**RECORD EXCERPTS:**
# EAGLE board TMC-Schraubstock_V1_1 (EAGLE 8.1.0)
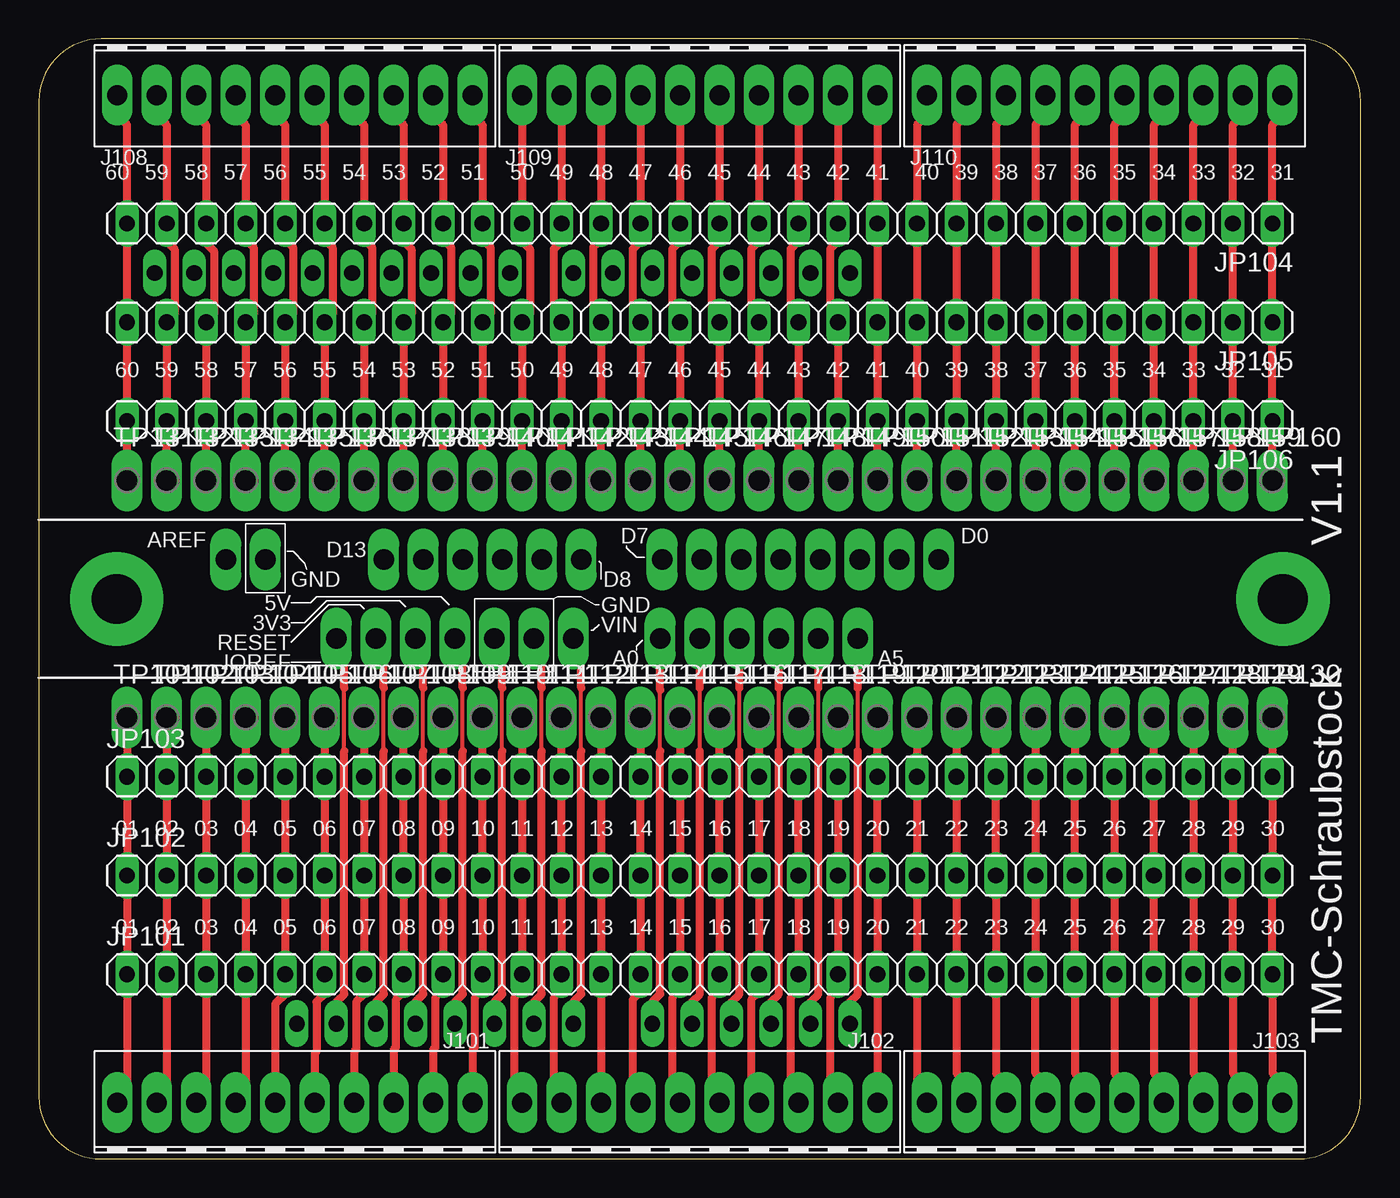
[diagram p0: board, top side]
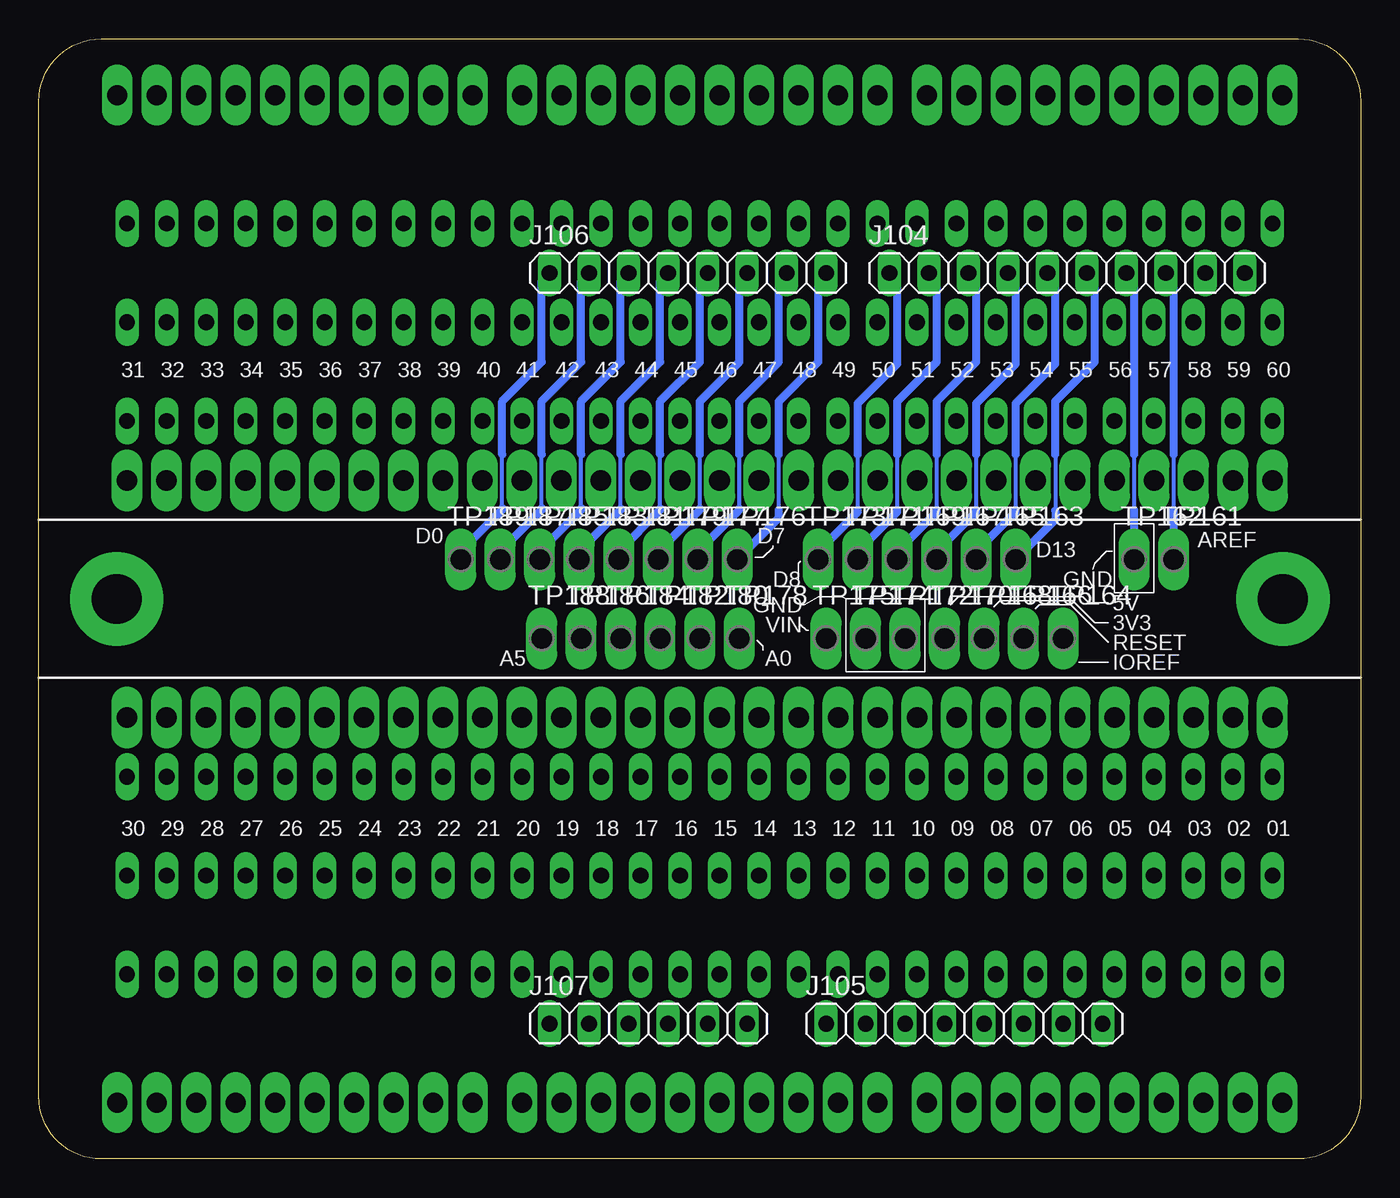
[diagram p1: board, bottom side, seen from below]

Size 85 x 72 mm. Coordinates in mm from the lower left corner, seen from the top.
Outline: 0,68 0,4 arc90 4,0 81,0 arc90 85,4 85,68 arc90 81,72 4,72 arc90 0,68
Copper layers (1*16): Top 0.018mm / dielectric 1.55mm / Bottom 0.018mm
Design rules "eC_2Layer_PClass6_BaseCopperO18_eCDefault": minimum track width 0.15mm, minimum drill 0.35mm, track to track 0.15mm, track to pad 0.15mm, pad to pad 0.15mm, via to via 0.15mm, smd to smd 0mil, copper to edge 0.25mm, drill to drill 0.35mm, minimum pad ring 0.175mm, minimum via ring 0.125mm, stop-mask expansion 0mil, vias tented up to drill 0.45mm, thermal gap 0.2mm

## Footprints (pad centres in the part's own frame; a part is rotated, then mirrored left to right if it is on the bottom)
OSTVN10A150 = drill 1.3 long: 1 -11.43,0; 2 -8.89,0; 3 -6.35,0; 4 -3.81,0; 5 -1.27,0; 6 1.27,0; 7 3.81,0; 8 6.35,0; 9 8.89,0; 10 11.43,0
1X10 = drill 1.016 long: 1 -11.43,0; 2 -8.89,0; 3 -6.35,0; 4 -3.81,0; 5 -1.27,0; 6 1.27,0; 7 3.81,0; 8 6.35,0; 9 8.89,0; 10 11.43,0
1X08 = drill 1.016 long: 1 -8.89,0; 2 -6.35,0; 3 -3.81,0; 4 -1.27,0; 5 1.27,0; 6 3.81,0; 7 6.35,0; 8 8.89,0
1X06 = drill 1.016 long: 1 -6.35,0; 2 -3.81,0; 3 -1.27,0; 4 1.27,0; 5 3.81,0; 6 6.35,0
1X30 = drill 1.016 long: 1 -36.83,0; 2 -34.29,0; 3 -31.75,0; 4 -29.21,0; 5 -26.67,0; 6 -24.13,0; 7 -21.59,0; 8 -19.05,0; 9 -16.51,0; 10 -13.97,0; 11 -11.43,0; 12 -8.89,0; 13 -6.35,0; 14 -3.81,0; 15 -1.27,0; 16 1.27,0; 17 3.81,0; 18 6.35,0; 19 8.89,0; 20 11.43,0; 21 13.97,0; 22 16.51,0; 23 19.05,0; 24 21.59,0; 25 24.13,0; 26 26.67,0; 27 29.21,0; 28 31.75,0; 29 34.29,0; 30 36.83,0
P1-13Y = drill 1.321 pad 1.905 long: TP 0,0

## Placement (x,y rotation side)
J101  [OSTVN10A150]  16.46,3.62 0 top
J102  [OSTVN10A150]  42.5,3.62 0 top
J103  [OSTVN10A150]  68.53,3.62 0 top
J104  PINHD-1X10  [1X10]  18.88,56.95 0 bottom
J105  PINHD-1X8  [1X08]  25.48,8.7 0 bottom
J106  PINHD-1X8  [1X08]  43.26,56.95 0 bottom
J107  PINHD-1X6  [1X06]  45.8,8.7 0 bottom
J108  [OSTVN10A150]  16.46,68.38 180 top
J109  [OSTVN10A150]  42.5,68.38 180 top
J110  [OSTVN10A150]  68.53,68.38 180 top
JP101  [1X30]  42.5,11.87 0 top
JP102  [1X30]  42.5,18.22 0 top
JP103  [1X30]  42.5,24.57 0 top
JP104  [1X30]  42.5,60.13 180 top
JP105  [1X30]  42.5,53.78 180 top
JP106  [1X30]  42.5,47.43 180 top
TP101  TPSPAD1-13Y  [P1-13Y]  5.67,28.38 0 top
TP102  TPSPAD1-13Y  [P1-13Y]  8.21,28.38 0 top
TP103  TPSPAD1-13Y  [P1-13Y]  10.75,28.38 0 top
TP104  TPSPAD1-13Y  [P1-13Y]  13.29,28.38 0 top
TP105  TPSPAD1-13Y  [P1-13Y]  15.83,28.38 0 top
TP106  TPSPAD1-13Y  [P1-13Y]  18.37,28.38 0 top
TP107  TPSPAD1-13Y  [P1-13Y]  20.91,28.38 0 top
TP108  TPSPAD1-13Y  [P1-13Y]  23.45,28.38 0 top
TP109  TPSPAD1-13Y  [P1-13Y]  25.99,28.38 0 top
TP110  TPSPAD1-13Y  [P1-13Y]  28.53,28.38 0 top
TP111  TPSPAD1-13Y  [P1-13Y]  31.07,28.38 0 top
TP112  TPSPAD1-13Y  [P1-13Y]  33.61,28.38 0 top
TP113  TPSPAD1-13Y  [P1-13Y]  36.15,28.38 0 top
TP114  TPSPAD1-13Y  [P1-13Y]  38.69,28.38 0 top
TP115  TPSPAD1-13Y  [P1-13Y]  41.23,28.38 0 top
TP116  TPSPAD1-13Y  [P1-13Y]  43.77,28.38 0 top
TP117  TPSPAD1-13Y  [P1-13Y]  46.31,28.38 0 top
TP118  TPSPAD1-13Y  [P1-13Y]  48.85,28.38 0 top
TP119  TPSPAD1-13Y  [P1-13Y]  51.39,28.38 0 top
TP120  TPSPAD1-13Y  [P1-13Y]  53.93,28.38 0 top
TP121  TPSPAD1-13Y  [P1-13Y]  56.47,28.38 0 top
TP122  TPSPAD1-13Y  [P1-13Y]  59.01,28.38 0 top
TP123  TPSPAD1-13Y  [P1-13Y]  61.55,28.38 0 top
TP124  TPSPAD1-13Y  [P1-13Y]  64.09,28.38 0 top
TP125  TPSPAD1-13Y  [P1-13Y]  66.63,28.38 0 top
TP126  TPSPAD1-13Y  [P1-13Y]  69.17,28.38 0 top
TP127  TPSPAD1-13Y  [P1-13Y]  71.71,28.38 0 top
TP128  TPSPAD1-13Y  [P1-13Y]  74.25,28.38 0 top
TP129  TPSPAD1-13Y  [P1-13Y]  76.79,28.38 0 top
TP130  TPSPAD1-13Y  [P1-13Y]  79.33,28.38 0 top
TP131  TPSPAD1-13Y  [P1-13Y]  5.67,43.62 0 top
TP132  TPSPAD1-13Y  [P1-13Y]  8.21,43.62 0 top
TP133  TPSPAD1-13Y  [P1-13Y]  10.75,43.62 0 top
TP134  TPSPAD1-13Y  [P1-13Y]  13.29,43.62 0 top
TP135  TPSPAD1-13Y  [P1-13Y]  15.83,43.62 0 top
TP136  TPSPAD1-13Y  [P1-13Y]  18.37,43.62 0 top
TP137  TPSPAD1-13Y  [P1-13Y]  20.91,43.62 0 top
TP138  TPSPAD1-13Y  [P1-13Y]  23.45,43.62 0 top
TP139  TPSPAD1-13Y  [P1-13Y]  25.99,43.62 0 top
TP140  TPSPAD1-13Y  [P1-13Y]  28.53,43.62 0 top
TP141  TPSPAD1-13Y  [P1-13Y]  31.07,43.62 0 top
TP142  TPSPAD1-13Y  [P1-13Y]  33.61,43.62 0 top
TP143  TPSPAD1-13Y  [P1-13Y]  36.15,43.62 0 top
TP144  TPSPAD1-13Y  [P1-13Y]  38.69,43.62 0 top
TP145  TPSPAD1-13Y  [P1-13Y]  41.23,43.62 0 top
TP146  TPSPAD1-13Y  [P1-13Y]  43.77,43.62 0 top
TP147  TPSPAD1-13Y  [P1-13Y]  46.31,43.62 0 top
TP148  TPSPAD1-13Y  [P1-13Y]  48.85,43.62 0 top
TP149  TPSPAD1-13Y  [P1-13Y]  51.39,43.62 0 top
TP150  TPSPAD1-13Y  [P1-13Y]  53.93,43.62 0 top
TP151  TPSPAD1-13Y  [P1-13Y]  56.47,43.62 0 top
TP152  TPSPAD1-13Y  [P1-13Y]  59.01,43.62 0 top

**TASK:** Each line that mentions the string "long" must be copied from the listing.

**THE COMPLETED TASK:**
OSTVN10A150 = drill 1.3 long: 1 -11.43,0; 2 -8.89,0; 3 -6.35,0; 4 -3.81,0; 5 -1.27,0; 6 1.27,0; 7 3.81,0; 8 6.35,0; 9 8.89,0; 10 11.43,0
1X10 = drill 1.016 long: 1 -11.43,0; 2 -8.89,0; 3 -6.35,0; 4 -3.81,0; 5 -1.27,0; 6 1.27,0; 7 3.81,0; 8 6.35,0; 9 8.89,0; 10 11.43,0
1X08 = drill 1.016 long: 1 -8.89,0; 2 -6.35,0; 3 -3.81,0; 4 -1.27,0; 5 1.27,0; 6 3.81,0; 7 6.35,0; 8 8.89,0
1X06 = drill 1.016 long: 1 -6.35,0; 2 -3.81,0; 3 -1.27,0; 4 1.27,0; 5 3.81,0; 6 6.35,0
1X30 = drill 1.016 long: 1 -36.83,0; 2 -34.29,0; 3 -31.75,0; 4 -29.21,0; 5 -26.67,0; 6 -24.13,0; 7 -21.59,0; 8 -19.05,0; 9 -16.51,0; 10 -13.97,0; 11 -11.43,0; 12 -8.89,0; 13 -6.35,0; 14 -3.81,0; 15 -1.27,0; 16 1.27,0; 17 3.81,0; 18 6.35,0; 19 8.89,0; 20 11.43,0; 21 13.97,0; 22 16.51,0; 23 19.05,0; 24 21.59,0; 25 24.13,0; 26 26.67,0; 27 29.21,0; 28 31.75,0; 29 34.29,0; 30 36.83,0
P1-13Y = drill 1.321 pad 1.905 long: TP 0,0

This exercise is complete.